Mary continued to exhibit signs of pregnancy until July 1555, when her abdomen receded. Michieli dismissively ridiculed the pregnancy as more likely to “end in wind rather than anything else”. It was most likely a false pregnancy, perhaps induced by Mary’s overwhelming desire to have a child.
Elizabeth remained at court until October, apparently restored to favour. In the absence of any children, Philip was concerned that one of the next claimants to the English throne after his sister-in-law was the Queen of Scots, who was betrothed to the Dauphin, François of France. Felipe persuaded his wife that Elizabeth should marry his cousin Emmanuel Philibert, Duke of Savoy, to secure the Catholic succession and preserve the Habsburg interest in England, but Elizabeth refused to comply and parliamentary consent was unlikely.

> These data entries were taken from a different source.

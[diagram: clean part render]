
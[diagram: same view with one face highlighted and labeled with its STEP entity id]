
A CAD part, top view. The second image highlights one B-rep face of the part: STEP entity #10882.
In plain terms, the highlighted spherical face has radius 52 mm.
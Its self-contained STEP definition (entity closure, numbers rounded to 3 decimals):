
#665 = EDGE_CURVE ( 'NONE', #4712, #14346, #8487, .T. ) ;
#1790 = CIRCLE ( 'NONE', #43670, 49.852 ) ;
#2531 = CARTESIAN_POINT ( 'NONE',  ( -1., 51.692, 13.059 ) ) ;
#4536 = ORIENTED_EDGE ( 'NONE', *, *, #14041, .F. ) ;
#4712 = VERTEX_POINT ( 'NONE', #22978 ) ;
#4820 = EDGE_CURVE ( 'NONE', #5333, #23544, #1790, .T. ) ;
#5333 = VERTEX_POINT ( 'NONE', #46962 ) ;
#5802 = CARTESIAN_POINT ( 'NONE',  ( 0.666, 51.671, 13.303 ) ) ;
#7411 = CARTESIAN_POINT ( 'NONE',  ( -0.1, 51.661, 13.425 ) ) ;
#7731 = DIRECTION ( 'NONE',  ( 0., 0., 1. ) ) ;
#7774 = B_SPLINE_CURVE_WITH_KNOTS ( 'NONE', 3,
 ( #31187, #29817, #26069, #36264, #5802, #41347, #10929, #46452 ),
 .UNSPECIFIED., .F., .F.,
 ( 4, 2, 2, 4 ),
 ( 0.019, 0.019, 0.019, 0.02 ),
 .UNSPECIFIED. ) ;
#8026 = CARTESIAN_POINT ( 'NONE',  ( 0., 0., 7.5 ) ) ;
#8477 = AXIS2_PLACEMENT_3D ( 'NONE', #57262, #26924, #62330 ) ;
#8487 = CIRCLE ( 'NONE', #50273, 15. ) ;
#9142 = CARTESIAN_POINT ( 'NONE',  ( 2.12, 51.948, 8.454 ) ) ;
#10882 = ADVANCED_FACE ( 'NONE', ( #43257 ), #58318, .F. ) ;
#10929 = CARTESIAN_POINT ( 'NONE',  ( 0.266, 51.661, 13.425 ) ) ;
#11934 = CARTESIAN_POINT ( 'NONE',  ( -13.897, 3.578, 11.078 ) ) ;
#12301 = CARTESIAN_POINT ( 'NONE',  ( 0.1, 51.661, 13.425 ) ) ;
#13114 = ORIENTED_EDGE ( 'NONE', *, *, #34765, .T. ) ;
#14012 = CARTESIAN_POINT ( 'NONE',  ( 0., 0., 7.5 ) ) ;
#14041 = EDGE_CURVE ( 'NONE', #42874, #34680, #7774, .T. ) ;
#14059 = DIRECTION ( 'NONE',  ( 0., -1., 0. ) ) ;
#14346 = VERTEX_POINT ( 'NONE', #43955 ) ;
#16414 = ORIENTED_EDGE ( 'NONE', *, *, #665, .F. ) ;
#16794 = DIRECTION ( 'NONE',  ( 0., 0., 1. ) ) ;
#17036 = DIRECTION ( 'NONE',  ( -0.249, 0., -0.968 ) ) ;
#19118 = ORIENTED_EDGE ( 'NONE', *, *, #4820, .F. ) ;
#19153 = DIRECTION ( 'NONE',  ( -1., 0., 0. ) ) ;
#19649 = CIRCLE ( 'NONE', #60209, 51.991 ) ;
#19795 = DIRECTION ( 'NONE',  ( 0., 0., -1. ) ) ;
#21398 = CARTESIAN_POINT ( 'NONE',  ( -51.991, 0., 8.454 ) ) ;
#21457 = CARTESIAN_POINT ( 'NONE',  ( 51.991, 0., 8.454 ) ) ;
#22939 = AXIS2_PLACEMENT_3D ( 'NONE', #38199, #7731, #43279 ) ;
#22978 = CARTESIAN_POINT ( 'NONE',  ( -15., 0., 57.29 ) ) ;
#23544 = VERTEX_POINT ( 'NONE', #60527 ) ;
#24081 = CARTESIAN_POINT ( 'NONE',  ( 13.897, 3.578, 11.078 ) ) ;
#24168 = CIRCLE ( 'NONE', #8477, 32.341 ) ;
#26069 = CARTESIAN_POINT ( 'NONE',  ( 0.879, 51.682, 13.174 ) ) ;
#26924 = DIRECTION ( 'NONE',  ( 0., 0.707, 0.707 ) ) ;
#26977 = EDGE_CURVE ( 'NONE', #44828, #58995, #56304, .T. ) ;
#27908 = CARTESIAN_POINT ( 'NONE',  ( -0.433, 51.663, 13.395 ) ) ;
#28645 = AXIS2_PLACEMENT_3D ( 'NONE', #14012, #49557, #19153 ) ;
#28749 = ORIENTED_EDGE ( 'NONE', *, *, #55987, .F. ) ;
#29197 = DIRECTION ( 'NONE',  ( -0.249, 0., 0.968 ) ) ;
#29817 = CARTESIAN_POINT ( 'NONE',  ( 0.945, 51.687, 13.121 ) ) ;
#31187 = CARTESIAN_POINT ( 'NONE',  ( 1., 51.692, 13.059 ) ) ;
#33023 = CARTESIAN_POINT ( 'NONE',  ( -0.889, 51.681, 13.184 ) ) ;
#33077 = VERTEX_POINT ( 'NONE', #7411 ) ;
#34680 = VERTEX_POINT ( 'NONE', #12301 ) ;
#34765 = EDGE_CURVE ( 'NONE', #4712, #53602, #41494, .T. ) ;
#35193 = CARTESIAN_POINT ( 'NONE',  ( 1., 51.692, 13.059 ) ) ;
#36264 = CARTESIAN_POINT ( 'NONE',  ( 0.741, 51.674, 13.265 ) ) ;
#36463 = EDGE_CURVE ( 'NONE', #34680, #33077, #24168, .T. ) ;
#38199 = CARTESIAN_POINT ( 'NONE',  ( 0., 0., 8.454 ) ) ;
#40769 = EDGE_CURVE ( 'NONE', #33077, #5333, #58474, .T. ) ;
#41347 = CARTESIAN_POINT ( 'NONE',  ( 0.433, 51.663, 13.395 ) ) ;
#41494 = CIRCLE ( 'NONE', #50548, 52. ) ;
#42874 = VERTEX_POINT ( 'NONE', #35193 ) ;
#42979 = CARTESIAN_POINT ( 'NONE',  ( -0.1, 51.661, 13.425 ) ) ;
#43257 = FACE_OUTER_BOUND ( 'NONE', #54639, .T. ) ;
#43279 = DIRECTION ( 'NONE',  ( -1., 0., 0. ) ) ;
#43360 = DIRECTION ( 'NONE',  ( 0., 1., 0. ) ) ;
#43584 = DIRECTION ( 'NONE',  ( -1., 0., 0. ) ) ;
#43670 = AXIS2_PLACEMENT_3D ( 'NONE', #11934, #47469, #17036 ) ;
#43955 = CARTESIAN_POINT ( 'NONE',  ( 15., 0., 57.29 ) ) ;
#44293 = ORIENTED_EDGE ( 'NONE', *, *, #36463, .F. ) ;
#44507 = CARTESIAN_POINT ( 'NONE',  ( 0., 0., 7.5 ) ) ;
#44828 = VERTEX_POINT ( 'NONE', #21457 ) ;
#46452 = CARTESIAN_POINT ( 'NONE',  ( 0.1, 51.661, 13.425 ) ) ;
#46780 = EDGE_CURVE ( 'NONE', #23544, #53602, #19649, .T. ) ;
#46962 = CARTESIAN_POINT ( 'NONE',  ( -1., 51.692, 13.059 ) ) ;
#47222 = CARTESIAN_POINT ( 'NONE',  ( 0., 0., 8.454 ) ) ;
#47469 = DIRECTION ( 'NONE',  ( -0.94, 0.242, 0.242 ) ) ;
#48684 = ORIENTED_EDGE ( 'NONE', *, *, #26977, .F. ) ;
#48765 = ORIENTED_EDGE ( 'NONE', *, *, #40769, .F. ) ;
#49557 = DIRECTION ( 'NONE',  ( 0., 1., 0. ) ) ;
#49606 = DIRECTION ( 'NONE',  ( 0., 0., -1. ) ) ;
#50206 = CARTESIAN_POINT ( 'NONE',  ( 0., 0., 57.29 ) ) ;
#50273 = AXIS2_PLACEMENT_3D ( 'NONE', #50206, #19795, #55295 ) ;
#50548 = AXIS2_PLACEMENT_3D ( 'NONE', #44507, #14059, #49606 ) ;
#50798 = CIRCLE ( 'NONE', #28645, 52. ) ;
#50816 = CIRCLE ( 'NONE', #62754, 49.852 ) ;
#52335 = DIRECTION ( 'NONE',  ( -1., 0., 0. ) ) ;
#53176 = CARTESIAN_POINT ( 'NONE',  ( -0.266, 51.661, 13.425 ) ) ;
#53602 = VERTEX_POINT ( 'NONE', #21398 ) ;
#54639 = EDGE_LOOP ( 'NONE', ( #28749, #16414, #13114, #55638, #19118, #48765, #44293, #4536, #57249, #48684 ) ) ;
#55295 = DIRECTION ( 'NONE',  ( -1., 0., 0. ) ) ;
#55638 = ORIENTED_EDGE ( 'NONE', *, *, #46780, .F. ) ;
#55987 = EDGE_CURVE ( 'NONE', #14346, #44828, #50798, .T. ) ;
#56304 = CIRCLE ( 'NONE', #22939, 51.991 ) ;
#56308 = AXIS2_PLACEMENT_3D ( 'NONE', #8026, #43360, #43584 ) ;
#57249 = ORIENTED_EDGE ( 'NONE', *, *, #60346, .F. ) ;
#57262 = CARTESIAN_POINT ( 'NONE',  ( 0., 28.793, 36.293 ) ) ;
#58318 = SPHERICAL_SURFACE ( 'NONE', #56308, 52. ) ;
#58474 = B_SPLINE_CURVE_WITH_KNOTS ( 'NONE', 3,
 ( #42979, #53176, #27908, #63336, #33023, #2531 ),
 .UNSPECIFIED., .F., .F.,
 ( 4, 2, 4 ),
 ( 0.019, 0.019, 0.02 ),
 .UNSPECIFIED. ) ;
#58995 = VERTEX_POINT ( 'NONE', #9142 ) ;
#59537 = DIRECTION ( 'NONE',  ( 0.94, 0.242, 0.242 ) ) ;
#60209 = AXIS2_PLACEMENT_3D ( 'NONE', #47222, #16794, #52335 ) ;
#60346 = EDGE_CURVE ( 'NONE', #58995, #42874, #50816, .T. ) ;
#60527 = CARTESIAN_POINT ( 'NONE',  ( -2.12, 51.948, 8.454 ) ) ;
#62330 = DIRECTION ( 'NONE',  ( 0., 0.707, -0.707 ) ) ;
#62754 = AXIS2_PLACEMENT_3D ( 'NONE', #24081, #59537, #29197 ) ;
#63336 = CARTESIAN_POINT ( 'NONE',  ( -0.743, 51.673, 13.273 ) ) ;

In the month following her accession, Mary issued a proclamation that she would not compel any of her subjects to follow her religion, but by the end of September 1553, leading Protestant churchmen—including John Bradford, John Rogers, John Hooper, Hugh Latimer, and Thomas Cranmer—were imprisoned.
Mary’s first Parliament, which assembled in early October, declared the marriage of her parents valid and abolished Edward’s religious laws. Church doctrine was restored to the form it had taken in the 1539 Six Articles of Henry VIII, which (among other things) re-affirmed clerical celibacy. Married priests were deprived of their benefices.
Mary had always rejected the break with Rome instituted by her father and the establishment of Protestantism by her brother’s regents. Philip persuaded Parliament to repeal Henry’s religious laws, thus returning the English church to Roman jurisdiction. Reaching an agreement took many months and Mary and Pope Julius III had to make a major concession: the confiscated monastery lands were not returned to the church but remained in the hands of their influential new owners. By the end of 1554, the pope had approved the deal, and the Heresy Acts were revived.
Under the Heresy Acts, numerous Protestants were executed in the Marian persecutions. Around 800 rich Protestants, including John Foxe, fled into exile. The first executions occurred over a period of five days in early February 1555: John Rogers on February 4,:Laurence Saunders on February 8, and Rowland Taylor and John Hooper on February 9. Thomas Cranmer, the imprisoned archbishop of Canterbury, was forced to watch Bishops Ridley and Latimer being burned at the stake.
Cranmer recanted, repudiated Protestant theology, and rejoined the Catholic faith. Under the normal process of the law, he should have been absolved as a repentant. Mary, however, refused to reprieve him. On the day of his burning, he dramatically withdrew his recantation. In total, 283 were executed, most by burning. The burnings proved so unpopular that even Alfonso de Castro, one of Felipe’s own ecclesiastical staff, condemned them and another adviser, Simon Renard, warned him that such “cruel enforcement” could “cause a revolt”.
Mary persevered with the policy, which continued until her death and exacerbated anti-Catholic and anti-Spanish feeling among the English people. The victims of the persecutions became lauded as martyrs.